$\DeclareMathOperator{\dx}{dx}\DeclareMathOperator{\dy}{dy}\DeclareMathOperator{\dnu}{d\nu}$ Consider in $\mathbb R^2$ the frame field $\{X=\partial_x+y\partial_y,Y=\partial_y\}.$ I computed its corresponding coframe field as $\{\omega=\dx, \theta=-y\dx+\dy\}$.
I want to show that the frame field is not holonomic.
I'm following two books.
- One defines a frame field holonomic if it comes from a local coordinate system - $\{\partial_u,\partial_v\}$.

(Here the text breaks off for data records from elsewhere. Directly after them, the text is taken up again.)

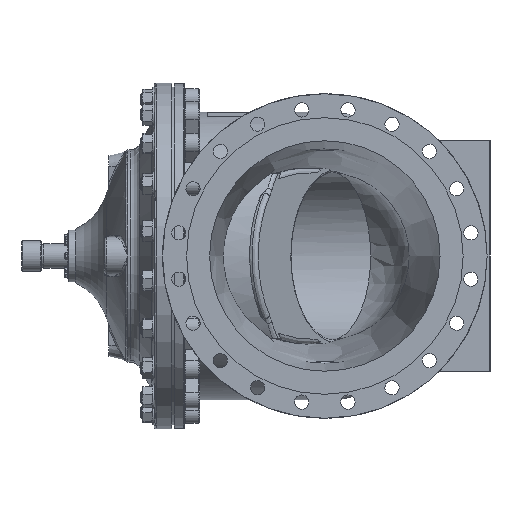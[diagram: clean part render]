
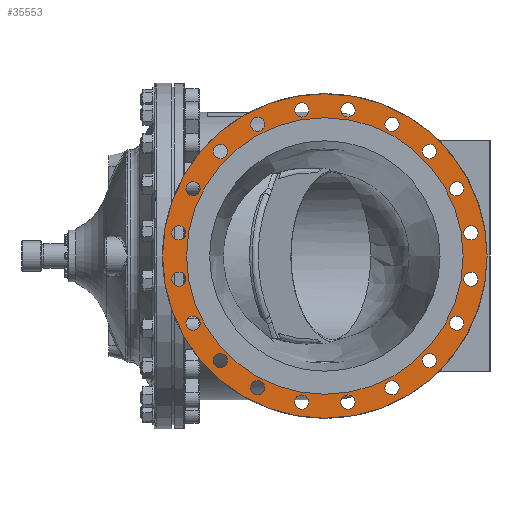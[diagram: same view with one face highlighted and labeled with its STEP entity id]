
A CAD part, left-side view. The second image highlights one B-rep face of the part: STEP entity #35553.
In plain terms, the highlighted planar face has unit normal (-1, 0, 0).
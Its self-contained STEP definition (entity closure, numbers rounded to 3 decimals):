
#5491=FACE_BOUND('',#8324,.T.);
#5492=FACE_BOUND('',#8325,.T.);
#5493=FACE_BOUND('',#8326,.T.);
#5494=FACE_BOUND('',#8327,.T.);
#5495=FACE_BOUND('',#8328,.T.);
#5496=FACE_BOUND('',#8329,.T.);
#5497=FACE_BOUND('',#8330,.T.);
#5498=FACE_BOUND('',#8331,.T.);
#5499=FACE_BOUND('',#8332,.T.);
#5500=FACE_BOUND('',#8333,.T.);
#5501=FACE_BOUND('',#8334,.T.);
#5502=FACE_BOUND('',#8335,.T.);
#5503=FACE_BOUND('',#8336,.T.);
#5504=FACE_BOUND('',#8337,.T.);
#5505=FACE_BOUND('',#8338,.T.);
#5506=FACE_BOUND('',#8339,.T.);
#5507=FACE_BOUND('',#8340,.T.);
#5508=FACE_BOUND('',#8341,.T.);
#5509=FACE_BOUND('',#8342,.T.);
#5510=FACE_BOUND('',#8343,.T.);
#5511=FACE_BOUND('',#8344,.T.);
#6021=FACE_OUTER_BOUND('',#8323,.T.);
#8323=EDGE_LOOP('',(#24616));
#8324=EDGE_LOOP('',(#24617));
#8325=EDGE_LOOP('',(#24618));
#8326=EDGE_LOOP('',(#24619));
#8327=EDGE_LOOP('',(#24620));
#8328=EDGE_LOOP('',(#24621));
#8329=EDGE_LOOP('',(#24622));
#8330=EDGE_LOOP('',(#24623));
#8331=EDGE_LOOP('',(#24624));
#8332=EDGE_LOOP('',(#24625));
#8333=EDGE_LOOP('',(#24626));
#8334=EDGE_LOOP('',(#24627));
#8335=EDGE_LOOP('',(#24628));
#8336=EDGE_LOOP('',(#24629));
#8337=EDGE_LOOP('',(#24630));
#8338=EDGE_LOOP('',(#24631));
#8339=EDGE_LOOP('',(#24632));
#8340=EDGE_LOOP('',(#24633));
#8341=EDGE_LOOP('',(#24634));
#8342=EDGE_LOOP('',(#24635));
#8343=EDGE_LOOP('',(#24636));
#8344=EDGE_LOOP('',(#24637));
#10728=CIRCLE('',#38137,18.5);
#10729=CIRCLE('',#38139,18.5);
#10730=CIRCLE('',#38141,18.5);
#10731=CIRCLE('',#38143,18.5);
#10732=CIRCLE('',#38145,18.5);
#10733=CIRCLE('',#38147,18.5);
#10734=CIRCLE('',#38149,18.5);
#10735=CIRCLE('',#38151,18.5);
#10736=CIRCLE('',#38153,18.5);
#10737=CIRCLE('',#38155,18.5);
#10738=CIRCLE('',#38157,18.5);
#10739=CIRCLE('',#38159,18.5);
#10740=CIRCLE('',#38161,18.5);
#10741=CIRCLE('',#38163,18.5);
#10742=CIRCLE('',#38165,18.5);
#10743=CIRCLE('',#38167,18.5);
#10744=CIRCLE('',#38169,18.5);
#10745=CIRCLE('',#38171,18.5);
#10746=CIRCLE('',#38173,18.5);
#10747=CIRCLE('',#38175,18.5);
#10748=CIRCLE('',#38185,422.5);
#10749=CIRCLE('',#38187,360.);
#13736=VERTEX_POINT('',#61169);
#13737=VERTEX_POINT('',#61173);
#13738=VERTEX_POINT('',#61177);
#13739=VERTEX_POINT('',#61181);
#13740=VERTEX_POINT('',#61185);
#13741=VERTEX_POINT('',#61189);
#13742=VERTEX_POINT('',#61193);
#13743=VERTEX_POINT('',#61197);
#13744=VERTEX_POINT('',#61201);
#13745=VERTEX_POINT('',#61205);
#13746=VERTEX_POINT('',#61209);
#13747=VERTEX_POINT('',#61213);
#13748=VERTEX_POINT('',#61217);
#13749=VERTEX_POINT('',#61221);
#13750=VERTEX_POINT('',#61225);
#13751=VERTEX_POINT('',#61229);
#13752=VERTEX_POINT('',#61233);
#13753=VERTEX_POINT('',#61237);
#13754=VERTEX_POINT('',#61241);
#13755=VERTEX_POINT('',#61245);
#13770=VERTEX_POINT('',#61717);
#13771=VERTEX_POINT('',#61721);
#17806=EDGE_CURVE('',#13736,#13736,#10728,.T.);
#17808=EDGE_CURVE('',#13737,#13737,#10729,.T.);
#17810=EDGE_CURVE('',#13738,#13738,#10730,.T.);
#17812=EDGE_CURVE('',#13739,#13739,#10731,.T.);
#17814=EDGE_CURVE('',#13740,#13740,#10732,.T.);
#17816=EDGE_CURVE('',#13741,#13741,#10733,.T.);
#17818=EDGE_CURVE('',#13742,#13742,#10734,.T.);
#17820=EDGE_CURVE('',#13743,#13743,#10735,.T.);
#17822=EDGE_CURVE('',#13744,#13744,#10736,.T.);
#17824=EDGE_CURVE('',#13745,#13745,#10737,.T.);
#17826=EDGE_CURVE('',#13746,#13746,#10738,.T.);
#17828=EDGE_CURVE('',#13747,#13747,#10739,.T.);
#17830=EDGE_CURVE('',#13748,#13748,#10740,.T.);
#17832=EDGE_CURVE('',#13749,#13749,#10741,.T.);
#17834=EDGE_CURVE('',#13750,#13750,#10742,.T.);
#17836=EDGE_CURVE('',#13751,#13751,#10743,.T.);
#17838=EDGE_CURVE('',#13752,#13752,#10744,.T.);
#17840=EDGE_CURVE('',#13753,#13753,#10745,.T.);
#17842=EDGE_CURVE('',#13754,#13754,#10746,.T.);
#17844=EDGE_CURVE('',#13755,#13755,#10747,.T.);
#17864=EDGE_CURVE('',#13770,#13770,#10748,.T.);
#17866=EDGE_CURVE('',#13771,#13771,#10749,.T.);
#24616=ORIENTED_EDGE('',*,*,#17864,.F.);
#24617=ORIENTED_EDGE('',*,*,#17806,.T.);
#24618=ORIENTED_EDGE('',*,*,#17808,.T.);
#24619=ORIENTED_EDGE('',*,*,#17810,.T.);
#24620=ORIENTED_EDGE('',*,*,#17812,.T.);
#24621=ORIENTED_EDGE('',*,*,#17814,.T.);
#24622=ORIENTED_EDGE('',*,*,#17816,.T.);
#24623=ORIENTED_EDGE('',*,*,#17818,.T.);
#24624=ORIENTED_EDGE('',*,*,#17820,.T.);
#24625=ORIENTED_EDGE('',*,*,#17822,.T.);
#24626=ORIENTED_EDGE('',*,*,#17824,.T.);
#24627=ORIENTED_EDGE('',*,*,#17826,.T.);
#24628=ORIENTED_EDGE('',*,*,#17828,.T.);
#24629=ORIENTED_EDGE('',*,*,#17830,.T.);
#24630=ORIENTED_EDGE('',*,*,#17832,.T.);
#24631=ORIENTED_EDGE('',*,*,#17834,.T.);
#24632=ORIENTED_EDGE('',*,*,#17836,.T.);
#24633=ORIENTED_EDGE('',*,*,#17838,.T.);
#24634=ORIENTED_EDGE('',*,*,#17840,.T.);
#24635=ORIENTED_EDGE('',*,*,#17842,.T.);
#24636=ORIENTED_EDGE('',*,*,#17844,.T.);
#24637=ORIENTED_EDGE('',*,*,#17866,.T.);
#34507=PLANE('',#38186);
#35553=ADVANCED_FACE('',(#6021,#5491,#5492,#5493,#5494,#5495,#5496,#5497,
#5498,#5499,#5500,#5501,#5502,#5503,#5504,#5505,#5506,#5507,#5508,#5509,
#5510,#5511),#34507,.F.);
#38137=AXIS2_PLACEMENT_3D('',#61170,#44098,#44099);
#38139=AXIS2_PLACEMENT_3D('',#61174,#44103,#44104);
#38141=AXIS2_PLACEMENT_3D('',#61178,#44108,#44109);
#38143=AXIS2_PLACEMENT_3D('',#61182,#44113,#44114);
#38145=AXIS2_PLACEMENT_3D('',#61186,#44118,#44119);
#38147=AXIS2_PLACEMENT_3D('',#61190,#44123,#44124);
#38149=AXIS2_PLACEMENT_3D('',#61194,#44128,#44129);
#38151=AXIS2_PLACEMENT_3D('',#61198,#44133,#44134);
#38153=AXIS2_PLACEMENT_3D('',#61202,#44138,#44139);
#38155=AXIS2_PLACEMENT_3D('',#61206,#44143,#44144);
#38157=AXIS2_PLACEMENT_3D('',#61210,#44148,#44149);
#38159=AXIS2_PLACEMENT_3D('',#61214,#44153,#44154);
#38161=AXIS2_PLACEMENT_3D('',#61218,#44158,#44159);
#38163=AXIS2_PLACEMENT_3D('',#61222,#44163,#44164);
#38165=AXIS2_PLACEMENT_3D('',#61226,#44168,#44169);
#38167=AXIS2_PLACEMENT_3D('',#61230,#44173,#44174);
#38169=AXIS2_PLACEMENT_3D('',#61234,#44178,#44179);
#38171=AXIS2_PLACEMENT_3D('',#61238,#44183,#44184);
#38173=AXIS2_PLACEMENT_3D('',#61242,#44188,#44189);
#38175=AXIS2_PLACEMENT_3D('',#61246,#44193,#44194);
#38185=AXIS2_PLACEMENT_3D('',#61718,#44216,#44217);
#38186=AXIS2_PLACEMENT_3D('',#61720,#44219,#44220);
#38187=AXIS2_PLACEMENT_3D('',#61722,#44221,#44222);
#44098=DIRECTION('center_axis',(1.,0.,0.));
#44099=DIRECTION('ref_axis',(0.,0.309,0.951));
#44103=DIRECTION('center_axis',(1.,0.,0.));
#44104=DIRECTION('ref_axis',(0.,0.588,0.809));
#44108=DIRECTION('center_axis',(1.,0.,0.));
#44109=DIRECTION('ref_axis',(0.,0.809,0.588));
#44113=DIRECTION('center_axis',(1.,0.,0.));
#44114=DIRECTION('ref_axis',(0.,0.951,0.309));
#44118=DIRECTION('center_axis',(1.,0.,0.));
#44119=DIRECTION('ref_axis',(0.,1.,0.));
#44123=DIRECTION('center_axis',(1.,0.,0.));
#44124=DIRECTION('ref_axis',(0.,0.951,-0.309));
#44128=DIRECTION('center_axis',(1.,0.,0.));
#44129=DIRECTION('ref_axis',(0.,0.809,-0.588));
#44133=DIRECTION('center_axis',(1.,0.,0.));
#44134=DIRECTION('ref_axis',(0.,0.588,-0.809));
#44138=DIRECTION('center_axis',(1.,0.,0.));
#44139=DIRECTION('ref_axis',(0.,0.309,-0.951));
#44143=DIRECTION('center_axis',(1.,0.,0.));
#44144=DIRECTION('ref_axis',(0.,0.,-1.));
#44148=DIRECTION('center_axis',(1.,0.,0.));
#44149=DIRECTION('ref_axis',(0.,-0.309,-0.951));
#44153=DIRECTION('center_axis',(1.,0.,0.));
#44154=DIRECTION('ref_axis',(0.,-0.588,-0.809));
#44158=DIRECTION('center_axis',(1.,0.,0.));
#44159=DIRECTION('ref_axis',(0.,-0.809,-0.588));
#44163=DIRECTION('center_axis',(1.,0.,0.));
#44164=DIRECTION('ref_axis',(0.,-0.951,-0.309));
#44168=DIRECTION('center_axis',(1.,0.,0.));
#44169=DIRECTION('ref_axis',(0.,-1.,0.));
#44173=DIRECTION('center_axis',(1.,0.,0.));
#44174=DIRECTION('ref_axis',(0.,-0.951,0.309));
#44178=DIRECTION('center_axis',(1.,0.,0.));
#44179=DIRECTION('ref_axis',(0.,-0.809,0.588));
#44183=DIRECTION('center_axis',(1.,0.,0.));
#44184=DIRECTION('ref_axis',(0.,-0.588,0.809));
#44188=DIRECTION('center_axis',(1.,0.,0.));
#44189=DIRECTION('ref_axis',(0.,-0.309,0.951));
#44193=DIRECTION('center_axis',(1.,0.,0.));
#44194=DIRECTION('ref_axis',(0.,0.,1.));
#44216=DIRECTION('center_axis',(1.,0.,0.));
#44217=DIRECTION('ref_axis',(0.,1.,0.));
#44219=DIRECTION('center_axis',(1.,0.,0.));
#44220=DIRECTION('ref_axis',(0.,0.,-1.));
#44221=DIRECTION('center_axis',(1.,0.,0.));
#44222=DIRECTION('ref_axis',(0.,1.,0.));
#61169=CARTESIAN_POINT('',(-720.,-180.503,-360.632));
#61170=CARTESIAN_POINT('Origin',(-720.,-174.786,-343.038));
#61173=CARTESIAN_POINT('',(-720.,-283.11,-287.203));
#61174=CARTESIAN_POINT('Origin',(-720.,-272.236,-272.236));
#61177=CARTESIAN_POINT('',(-720.,-358.004,-185.66));
#61178=CARTESIAN_POINT('Origin',(-720.,-343.038,-174.786));
#61181=CARTESIAN_POINT('',(-720.,-397.855,-65.944));
#61182=CARTESIAN_POINT('Origin',(-720.,-380.26,-60.227));
#61185=CARTESIAN_POINT('',(-720.,-398.76,60.227));
#61186=CARTESIAN_POINT('Origin',(-720.,-380.26,60.227));
#61189=CARTESIAN_POINT('',(-720.,-360.632,180.503));
#61190=CARTESIAN_POINT('Origin',(-720.,-343.038,174.786));
#61193=CARTESIAN_POINT('',(-720.,-287.203,283.11));
#61194=CARTESIAN_POINT('Origin',(-720.,-272.236,272.236));
#61197=CARTESIAN_POINT('',(-720.,-185.66,358.004));
#61198=CARTESIAN_POINT('Origin',(-720.,-174.786,343.038));
#61201=CARTESIAN_POINT('',(-720.,-65.944,397.855));
#61202=CARTESIAN_POINT('Origin',(-720.,-60.227,380.26));
#61205=CARTESIAN_POINT('',(-720.,60.227,398.76));
#61206=CARTESIAN_POINT('Origin',(-720.,60.227,380.26));
#61209=CARTESIAN_POINT('',(-720.,180.503,360.632));
#61210=CARTESIAN_POINT('Origin',(-720.,174.786,343.038));
#61213=CARTESIAN_POINT('',(-720.,283.11,287.203));
#61214=CARTESIAN_POINT('Origin',(-720.,272.236,272.236));
#61217=CARTESIAN_POINT('',(-720.,358.004,185.66));
#61218=CARTESIAN_POINT('Origin',(-720.,343.038,174.786));
#61221=CARTESIAN_POINT('',(-720.,397.855,65.944));
#61222=CARTESIAN_POINT('Origin',(-720.,380.26,60.227));
#61225=CARTESIAN_POINT('',(-720.,398.76,-60.227));
#61226=CARTESIAN_POINT('Origin',(-720.,380.26,-60.227));
#61229=CARTESIAN_POINT('',(-720.,360.632,-180.503));
#61230=CARTESIAN_POINT('Origin',(-720.,343.038,-174.786));
#61233=CARTESIAN_POINT('',(-720.,287.203,-283.11));
#61234=CARTESIAN_POINT('Origin',(-720.,272.236,-272.236));
#61237=CARTESIAN_POINT('',(-720.,185.66,-358.004));
#61238=CARTESIAN_POINT('Origin',(-720.,174.786,-343.038));
#61241=CARTESIAN_POINT('',(-720.,65.944,-397.855));
#61242=CARTESIAN_POINT('Origin',(-720.,60.227,-380.26));
#61245=CARTESIAN_POINT('',(-720.,-60.227,-398.76));
#61246=CARTESIAN_POINT('Origin',(-720.,-60.227,-380.26));
#61717=CARTESIAN_POINT('',(-720.,-422.5,0.));
#61718=CARTESIAN_POINT('Origin',(-720.,0.,0.));
#61720=CARTESIAN_POINT('Origin',(-720.,391.25,0.));
#61721=CARTESIAN_POINT('',(-720.,-360.,0.));
#61722=CARTESIAN_POINT('Origin',(-720.,0.,0.));

- The other defines a coframe field $\dnu^\alpha$ as holonomic if $\dnu^\alpha=0$, and it then declares (locally) its dual frame field as holonomic.
The second definition is very practical, because for my example, differentiating the coframe shows $d\theta=\dx\wedge\dy\neq 0,$ so neither it nor the frame field are holonomic.
Is it possible (how?) to use the first definition for this example? That is, can I show that $\{X,Y\}$ cannot be expressed as $\{\partial_u,\partial_v\}$ for some local coordinates $u,v:\mathbb R^2\to \mathbb R$ directly, without going to the differentials? $ А jesuitical answer is yes:
- If $\{X,Y\}=\{\partial_u,\partial_v\}$, then the corresponding coframe field equals $\{du,dv\}$
- Since $d\theta\neq 0$, it's impossible that $\theta=dv$ is an exact form.
- Therefore, $\{X,Y\}$ is not expressible as $\{\partial_u,\partial_v\}$.
But this defeats the purpose of my question, because it simply translates the question in terms of differential forms, and doesn't show me what makes it impossible to find coordinates matching $\{X,Y\}$.
$X$ and $Y$ are coordinate vector fields if and only if their Lie bracket $[X,Y]=0$. In your case, $[X,Y]=-\partial_y$.